[Dataset records]
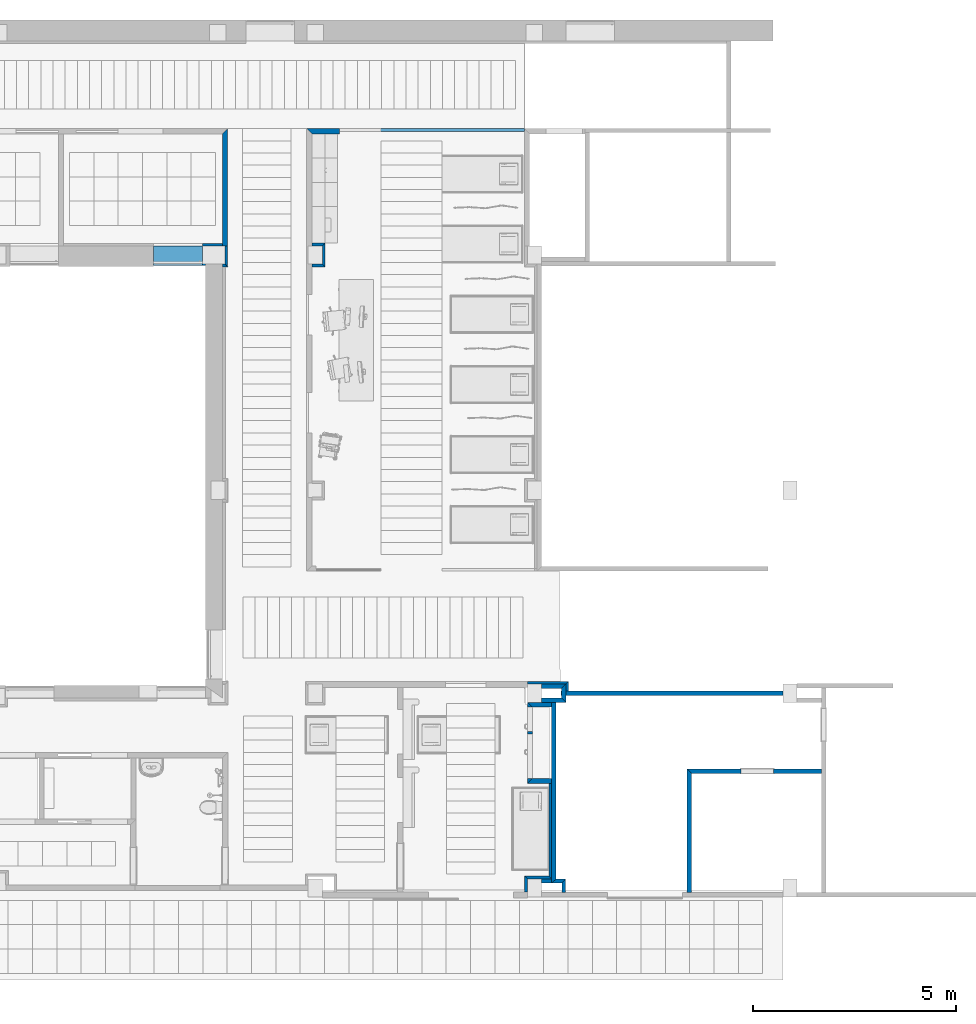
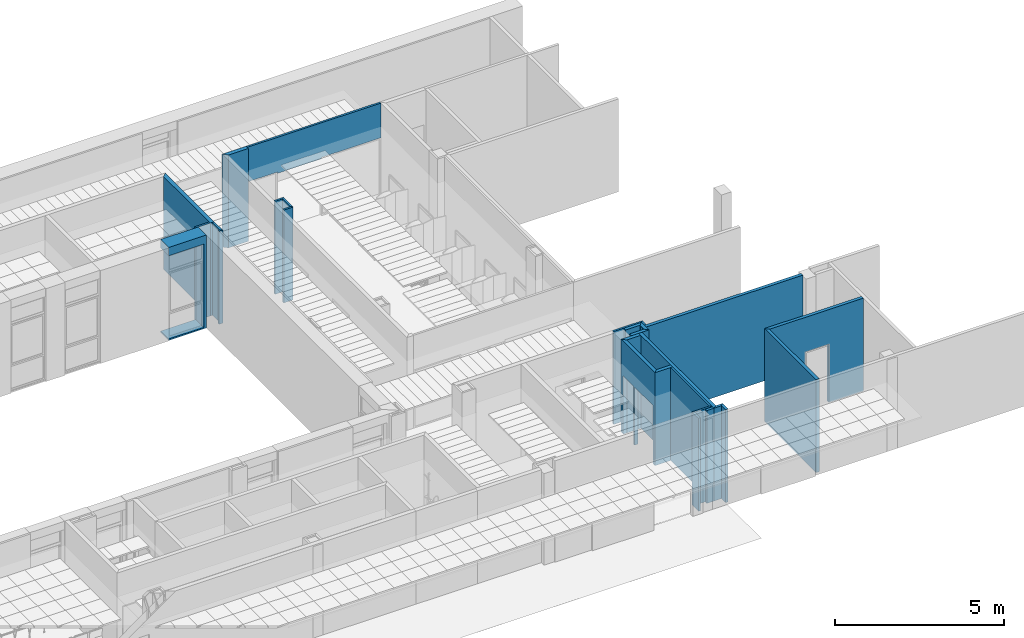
# One storey, part 45 of 68: 28 walls, 7 openings.
"""IFC2X3 building model written with IfcOpenShell, lengths in millimetres."""

from ifc_helpers import new_model, entity, si_unit, converted_unit, derived_unit, money_unit, direction, frame, origin_with_axes, origin_2d_with_axis, place, context, subcontext, project, spatial, polyline, rectangle, outline, extrude, material, layer, layer_set, layer_usage, type_object, element, save


model = new_model("IFC2X3")

# Units and contexts
model_context = context("Model", 3, precision=0.01, world=origin_with_axes(), true_north=direction((0.0, 1.0)))
body_context = subcontext(model_context, "Body", "Model", "MODEL_VIEW")
ifc_project = project(units=[si_unit("LENGTHUNIT", "METRE", prefix="MILLI"), si_unit("AREAUNIT", "SQUARE_METRE"), si_unit("VOLUMEUNIT", "CUBIC_METRE"), converted_unit("PLANEANGLEUNIT", "DEGREE", entity("IfcPlaneAngleMeasure", 0.0174532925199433), si_unit("PLANEANGLEUNIT", "RADIAN"), dimensions=[0, 0, 0, 0, 0, 0, 0]), money_unit("USD"), converted_unit("TIMEUNIT", "Year", entity("IfcTimeMeasure", 31557600.0), si_unit("TIMEUNIT", "SECOND"), dimensions=[0, 0, 1, 0, 0, 0, 0]), si_unit("MASSUNIT", "GRAM", prefix="KILO"), si_unit("THERMODYNAMICTEMPERATUREUNIT", "DEGREE_CELSIUS"), si_unit("LUMINOUSINTENSITYUNIT", "LUMEN"), si_unit("ENERGYUNIT", "JOULE", prefix="MEGA"), derived_unit("THERMALCONDUCTANCEUNIT", [(si_unit("POWERUNIT", "WATT"), 1), (si_unit("LENGTHUNIT", "METRE"), -1), (si_unit("THERMODYNAMICTEMPERATUREUNIT", "KELVIN"), -1)]), derived_unit("SPECIFICHEATCAPACITYUNIT", [(si_unit("ENERGYUNIT", "JOULE"), 1), (si_unit("MASSUNIT", "GRAM", prefix="KILO"), -1), (si_unit("THERMODYNAMICTEMPERATUREUNIT", "KELVIN"), -1)]), derived_unit("MASSDENSITYUNIT", [(si_unit("MASSUNIT", "GRAM", prefix="KILO"), 1), (si_unit("VOLUMEUNIT", "CUBIC_METRE"), -1)])], contexts=[model_context])

# Site, building, storey
site_placement = place(None, origin_with_axes())
site = spatial("IfcSite", under=ifc_project, at=site_placement, Name="Sitio", CompositionType="ELEMENT")
building_placement = place(site_placement, origin_with_axes())
building = spatial("IfcBuilding", under=site, at=building_placement, Name="Construcción", CompositionType="ELEMENT")
storey_placement = place(building_placement, origin_with_axes())
storey = spatial("IfcBuildingStorey", under=building, at=storey_placement, Name="PLANTA 1ª", CompositionType="ELEMENT", Elevation=0.0)

# Wall, opening
ifc_material_1 = material(Name="ARQ_AM246_Arrebossat_De_Guix")
ifc_layer_1 = layer(ifc_material_1, 10.0, ventilated="UNKNOWN")
ifc_material_2 = material(Name="ARQ_CE217_Gero")
ifc_layer_2 = layer(ifc_material_2, 120.0, ventilated="UNKNOWN")
ifc_material_3 = material(Name="ARQ_AI031_Aillament_Poliestireno expandido EPS")
ifc_layer_3 = layer(ifc_material_3, 120.0, ventilated="UNKNOWN")
ifc_material_4 = material(Name="ARQ_CE218_Ceramic")
ifc_layer_4 = layer(ifc_material_4, 220.0, ventilated="UNKNOWN")
ifc_layer_5 = layer(ifc_material_1, 10.0, ventilated="UNKNOWN")
ifc_layer_set_1 = layer_set([ifc_layer_1, ifc_layer_2, ifc_layer_3, ifc_layer_4, ifc_layer_5], Name="façana pati CR2 (ampit)")
ifc_layer_usage_1 = layer_usage(ifc_layer_set_1, "AXIS2", "POSITIVE", -480.0)
wall_type_1 = type_object("IfcWallType", Name="façana pati CR2 (ampit) 480", PredefinedType="NOTDEFINED")
wall_1_placement = place(storey_placement, frame((-3383.431355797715, -1193.975823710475, 0.0), z_axis=(0.0, 0.0, 1.0), x_axis=(1.0, 0.0, 0.0)))
wall_1 = element("IfcWallStandardCase", 1, at=wall_1_placement, inside=storey, type_object=wall_type_1, material=ifc_layer_usage_1, Name="MS-200", context=body_context, shape_type="SweptSolid", body=[
    extrude(outline(polyline([(0.0, -480.0), (1282.322350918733, -480.0), (1282.322350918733, 0.0), (0.0, 0.0), (0.0, -480.0)])), origin_with_axes(), (0.0, 0.0, 1.0), 3350.0),
])
opening_1_placement = place(wall_1_placement, frame((599.9999999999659, 0.0, 50.0), z_axis=(0.0, 0.0, 1.0), x_axis=(1.0, 0.0, 0.0)))
element("IfcOpeningElement", 2, at=opening_1_placement, cuts=wall_1, Name="F01", context=body_context, shape_type="SweptSolid", body=[
    extrude(rectangle(XDim=1199.999999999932, YDim=3000.0, at=origin_2d_with_axis()), frame((0.0, -429.9999999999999, 1500.0), z_axis=(0.0, -1.0, 0.0), x_axis=(-1.0, 0.0, 0.0)), (0.0, 0.0, -1.0), 909.9999999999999),
    extrude(rectangle(XDim=1199.999999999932, YDim=3000.0, at=origin_2d_with_axis()), frame((0.0, -429.9999999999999, 1500.0), z_axis=(0.0, 1.0, 0.0), x_axis=(-1.0, 0.0, 0.0)), (0.0, 0.0, -1.0), 530.0),
])

# Walls
ifc_material_5 = material(Name="Panel de Yeso Laminado")
ifc_layer_6 = layer(ifc_material_5, 13.0, ventilated="UNKNOWN")
ifc_layer_7 = layer(ifc_material_5, 13.0, ventilated="UNKNOWN")
ifc_material_6 = material(Name="ARQ_AI033_Aillament_Llana_De_Roca")
ifc_layer_8 = layer(ifc_material_6, 70.0, ventilated="UNKNOWN")
ifc_layer_9 = layer(ifc_material_5, 13.0, ventilated="UNKNOWN")
ifc_layer_10 = layer(ifc_material_5, 13.0, ventilated="UNKNOWN")
ifc_material_7 = material(Name="ARQ_EN271_Camara_Aire")
ifc_layer_11 = layer(ifc_material_7, 6.0, ventilated="UNKNOWN")
ifc_material_8 = material(Name="ARQ_FU093_Panellat_HPL")
ifc_layer_12 = layer(ifc_material_8, 6.0, ventilated="UNKNOWN")
ifc_layer_set_2 = layer_set([ifc_layer_6, ifc_layer_7, ifc_layer_8, ifc_layer_9, ifc_layer_10, ifc_layer_11, ifc_layer_12], Name="CR Pladur 70 HPL 1 cara")
ifc_layer_usage_2 = layer_usage(ifc_layer_set_2, "AXIS2", "NEGATIVE", 0.0)
wall_type_2 = type_object("IfcWallType", Name="CR Pladur 70 HPL 1 cara 134", PredefinedType="NOTDEFINED")
wall_2_placement = place(storey_placement, frame((-1690.109004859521, -1193.975823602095, 0.0), z_axis=(0.0, 0.0, 1.0), x_axis=(0.0, 1.0, 0.0)))
element("IfcWallStandardCase", 3, at=wall_2_placement, inside=storey, type_object=wall_type_2, material=ifc_layer_usage_2, Name="MS-213", context=body_context, shape_type="SweptSolid", body=[
    extrude(outline(polyline([(0.0, -133.9999999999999), (2894.828879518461, -133.9999999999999), (2760.828879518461, 0.0), (0.0, 0.0), (0.0, -133.9999999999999)])), origin_with_axes(), (0.0, 0.0, 1.0), 3350.0),
])
ifc_layer_usage_3 = layer_usage(ifc_layer_set_2, "AXIS2", "POSITIVE", -134.0)
wall_3_placement = place(storey_placement, frame((390.8910778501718, 1700.853055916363, 0.0), z_axis=(0.0, 0.0, 1.0), x_axis=(1.0, 0.0, 0.0)))
element("IfcWallStandardCase", 4, at=wall_3_placement, inside=storey, type_object=wall_type_2, material=ifc_layer_usage_3, Name="MS-212", context=body_context, shape_type="SweptSolid", body=[
    extrude(outline(polyline([(133.9999999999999, -134.0000000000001), (814.1461255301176, -134.0000000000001), (814.1461255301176, 0.0), (0.0, 0.0), (133.9999999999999, -134.0000000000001)])), origin_with_axes(), (0.0, 0.0, 1.0), 3350.0),
])

# Wall, openings
ifc_layer_13 = layer(ifc_material_5, 5.0, ventilated="UNKNOWN")
ifc_layer_14 = layer(ifc_material_6, 60.0, ventilated="UNKNOWN")
ifc_layer_15 = layer(ifc_material_5, 5.0, ventilated="UNKNOWN")
ifc_layer_set_3 = layer_set([ifc_layer_13, ifc_layer_14, ifc_layer_15], Name="CR- MAMPARA")
ifc_layer_usage_4 = layer_usage(ifc_layer_set_3, "AXIS2", "POSITIVE", -70.0)
wall_type_3 = type_object("IfcWallType", Name="CR- MAMPARA 70", PredefinedType="NOTDEFINED")
wall_4_placement = place(storey_placement, frame((1205.037203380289, 1700.853055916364, 0.0), z_axis=(0.0, 0.0, 1.0), x_axis=(1.0, 0.0, 0.0)))
wall_4 = element("IfcWallStandardCase", 5, at=wall_4_placement, inside=storey, type_object=wall_type_3, material=ifc_layer_usage_4, Name="MS-212", context=body_context, shape_type="SweptSolid", body=[
    extrude(outline(polyline([(0.0, -70.00000000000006), (4558.85379170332, -70.00000000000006), (4558.85379170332, 0.0), (0.0, 0.0), (0.0, -70.00000000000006)])), origin_with_axes(), (0.0, 0.0, 1.0), 3350.0),
])
opening_2_placement = place(wall_4_placement, frame((510.8960263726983, 0.0, 0.0), z_axis=(0.0, 0.0, 1.0), x_axis=(1.0, 0.0, 0.0)))
element("IfcOpeningElement", 6, at=opening_2_placement, cuts=wall_4, Name="M-08", context=body_context, shape_type="SweptSolid", body=[
    extrude(rectangle(XDim=1021.792052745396, YDim=2100.0, at=origin_2d_with_axis()), frame((0.0, -69.99999999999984, 1050.0), z_axis=(0.0, 1.0, 0.0), x_axis=(1.0, 0.0, 0.0)), (0.0, 0.0, 1.0), 210.0),
])
opening_3_placement = place(wall_4_placement, frame((3540.322922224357, 0.0, 0.0), z_axis=(0.0, 0.0, 1.0), x_axis=(1.0, 0.0, 0.0)))
element("IfcOpeningElement", 7, at=opening_3_placement, cuts=wall_4, Name="M-09", context=body_context, shape_type="SweptSolid", body=[
    extrude(rectangle(XDim=2037.061738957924, YDim=2100.0, at=origin_2d_with_axis()), frame((0.0, -69.99999999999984, 1050.0), z_axis=(0.0, 1.0, 0.0), x_axis=(1.0, 0.0, 0.0)), (0.0, 0.0, 1.0), 210.0),
])
opening_4_placement = place(wall_4_placement, frame((1771.792052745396, 0.0, 0.0), z_axis=(0.0, 0.0, 1.0), x_axis=(1.0, 0.0, 0.0)))
element("IfcOpeningElement", 8, at=opening_4_placement, cuts=wall_4, Name="PF-19D", context=body_context, shape_type="SweptSolid", body=[
    extrude(rectangle(XDim=1500.0, YDim=2050.0, at=origin_2d_with_axis()), frame((0.0, -69.99999999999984, 1025.0), z_axis=(0.0, -1.0, 0.0), x_axis=(1.0, 0.0, 0.0)), (0.0, 0.0, -1.0), 210.0),
])

# Walls
ifc_layer_16 = layer(ifc_material_8, 6.0, ventilated="UNKNOWN")
ifc_layer_17 = layer(ifc_material_7, 6.0, ventilated="UNKNOWN")
ifc_layer_18 = layer(ifc_material_5, 13.0, ventilated="UNKNOWN")
ifc_layer_19 = layer(ifc_material_6, 40.0, ventilated="UNKNOWN")
ifc_layer_set_4 = layer_set([ifc_layer_16, ifc_layer_17, ifc_layer_18, ifc_layer_19], Name="Pladur Tras 40 / 1N +HPL")
ifc_layer_usage_5 = layer_usage(ifc_layer_set_4, "AXIS2", "NEGATIVE", 65.0)
wall_type_4 = type_object("IfcWallType", Name="Pladur Tras 40 / 1N +HPL 65", PredefinedType="NOTDEFINED")
wall_5_placement = place(storey_placement, frame((6779.89099508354, -11988.97582371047, 0.0), z_axis=(0.0, 0.0, 1.0), x_axis=(0.0, -1.0, 0.0)))
element("IfcWallStandardCase", 9, at=wall_5_placement, inside=storey, type_object=wall_type_4, material=ifc_layer_usage_5, Name="MS-232", context=body_context, shape_type="SweptSolid", body=[
    extrude(outline(polyline([(0.0, 0.0), (169.9999999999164, 0.0), (169.9999999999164, 65.0000000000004), (-64.9999999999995, 65.0000000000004), (0.0, 0.0)])), origin_with_axes(), (0.0, 0.0, 1.0), 3350.0),
])
ifc_layer_usage_6 = layer_usage(ifc_layer_set_4, "AXIS2", "NEGATIVE", 65.0)
wall_6_placement = place(storey_placement, frame((5828.890995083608, -11988.97582371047, 0.0), z_axis=(0.0, 0.0, 1.0), x_axis=(1.0, 0.0, 0.0)))
element("IfcWallStandardCase", 10, at=wall_6_placement, inside=storey, type_object=wall_type_4, material=ifc_layer_usage_6, Name="MS-232", context=body_context, shape_type="SweptSolid", body=[
    extrude(outline(polyline([(0.0, 0.0), (950.9999999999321, 0.0), (1015.999999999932, 64.9999999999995), (0.0, 64.9999999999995), (0.0, 0.0)])), origin_with_axes(), (0.0, 0.0, 1.0), 3350.0),
])
ifc_layer_usage_7 = layer_usage(ifc_layer_set_4, "AXIS2", "POSITIVE", 0.0)
wall_7_placement = place(storey_placement, frame((6363.890995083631, -14316.97582370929, 0.0), z_axis=(0.0, 0.0, 1.0), x_axis=(0.0, -1.0, 0.0)))
element("IfcWallStandardCase", 11, at=wall_7_placement, inside=storey, type_object=wall_type_4, material=ifc_layer_usage_7, Name="MS-233", context=body_context, shape_type="SweptSolid", body=[
    extrude(outline(polyline([(121.9999999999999, 0.0), (2406.999834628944, 0.0), (2471.999834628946, 65.0000000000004), (122.000000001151, 65.0000000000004), (121.9999999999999, 0.0)])), origin_with_axes(), (0.0, 0.0, 1.0), 3350.0),
])
ifc_layer_usage_8 = layer_usage(ifc_layer_set_4, "AXIS2", "POSITIVE", 0.0)
wall_8_placement = place(storey_placement, frame((6363.890995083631, -16723.97565833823, 0.0), z_axis=(0.0, 0.0, 1.0), x_axis=(-1.0, 0.0, 0.0)))
element("IfcWallStandardCase", 12, at=wall_8_placement, inside=storey, type_object=wall_type_4, material=ifc_layer_usage_8, Name="MS-234", context=body_context, shape_type="SweptSolid", body=[
    extrude(outline(polyline([(0.0, 0.0), (599.9999474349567, 0.0), (534.9999474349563, 65.00000000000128), (-65.0000000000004, 65.00000000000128), (0.0, 0.0)])), origin_with_axes(), (0.0, 0.0, 1.0), 3350.0),
])
ifc_layer_usage_9 = layer_usage(ifc_layer_set_4, "AXIS2", "POSITIVE", 0.0)
wall_9_placement = place(storey_placement, frame((5763.891047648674, -16723.97565833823, 0.0), z_axis=(0.0, 0.0, 1.0), x_axis=(0.0, -1.0, 0.0)))
element("IfcWallStandardCase", 13, at=wall_9_placement, inside=storey, type_object=wall_type_4, material=ifc_layer_usage_9, Name="MS-235", context=body_context, shape_type="SweptSolid", body=[
    extrude(outline(polyline([(0.0, 0.0), (395.0000006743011, 0.0), (395.0000006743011, 65.0000000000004), (65.00000000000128, 65.0000000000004), (0.0, 0.0)])), origin_with_axes(), (0.0, 0.0, 1.0), 3350.0),
])
ifc_layer_usage_10 = layer_usage(ifc_layer_set_4, "AXIS2", "POSITIVE", -65.0)
wall_10_placement = place(storey_placement, frame((-1681.10900487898, -1638.975823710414, 0.0), z_axis=(0.0, 0.0, 1.0), x_axis=(1.0, 0.0, 0.0)))
element("IfcWallStandardCase", 14, at=wall_10_placement, inside=storey, type_object=wall_type_4, material=ifc_layer_usage_10, Name="MS-242", context=body_context, shape_type="SweptSolid", body=[
    extrude(outline(polyline([(0.0, -64.99999999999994), (125.0000000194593, -64.99999999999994), (60.00000001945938, 0.0), (0.0, 0.0), (0.0, -64.99999999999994)])), origin_with_axes(), (0.0, 0.0, 1.0), 3350.0),
])
ifc_layer_usage_11 = layer_usage(ifc_layer_set_4, "AXIS2", "POSITIVE", -65.0)
wall_11_placement = place(storey_placement, frame((-1621.109004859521, -1638.975823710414, 0.0), z_axis=(0.0, 0.0, 1.0), x_axis=(0.0, 1.0, 0.0)))
element("IfcWallStandardCase", 15, at=wall_11_placement, inside=storey, type_object=wall_type_4, material=ifc_layer_usage_11, Name="MS-243", context=body_context, shape_type="SweptSolid", body=[
    extrude(outline(polyline([(-64.99999999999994, -64.99999999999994), (445.0000001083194, -64.99999999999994), (445.0000001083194, 0.0), (0.0, 0.0), (-64.99999999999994, -64.99999999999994)])), origin_with_axes(), (0.0, 0.0, 1.0), 3350.0),
])
ifc_layer_20 = layer(ifc_material_1, 10.0, ventilated="UNKNOWN")
ifc_layer_21 = layer(ifc_material_2, 90.0, ventilated="UNKNOWN")
ifc_layer_22 = layer(ifc_material_1, 10.0, ventilated="UNKNOWN")
ifc_layer_set_5 = layer_set([ifc_layer_20, ifc_layer_21, ifc_layer_22], Name="CR Enva Totxana")
ifc_layer_usage_12 = layer_usage(ifc_layer_set_5, "AXIS2", "POSITIVE", 0.0)
wall_type_5 = type_object("IfcWallType", Name="CR Enva Totxana 110", PredefinedType="NOTDEFINED")
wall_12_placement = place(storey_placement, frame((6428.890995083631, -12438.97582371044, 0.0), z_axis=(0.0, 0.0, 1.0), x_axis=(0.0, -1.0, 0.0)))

● AIM OF THE TASK: Print the data above from its first line through the line that has "building model written", exactly and with nothing else, omitting pictures.

● FINAL ANSWER:
# One storey, part 45 of 68: 28 walls, 7 openings.
"""IFC2X3 building model written with IfcOpenShell, lengths in millimetres."""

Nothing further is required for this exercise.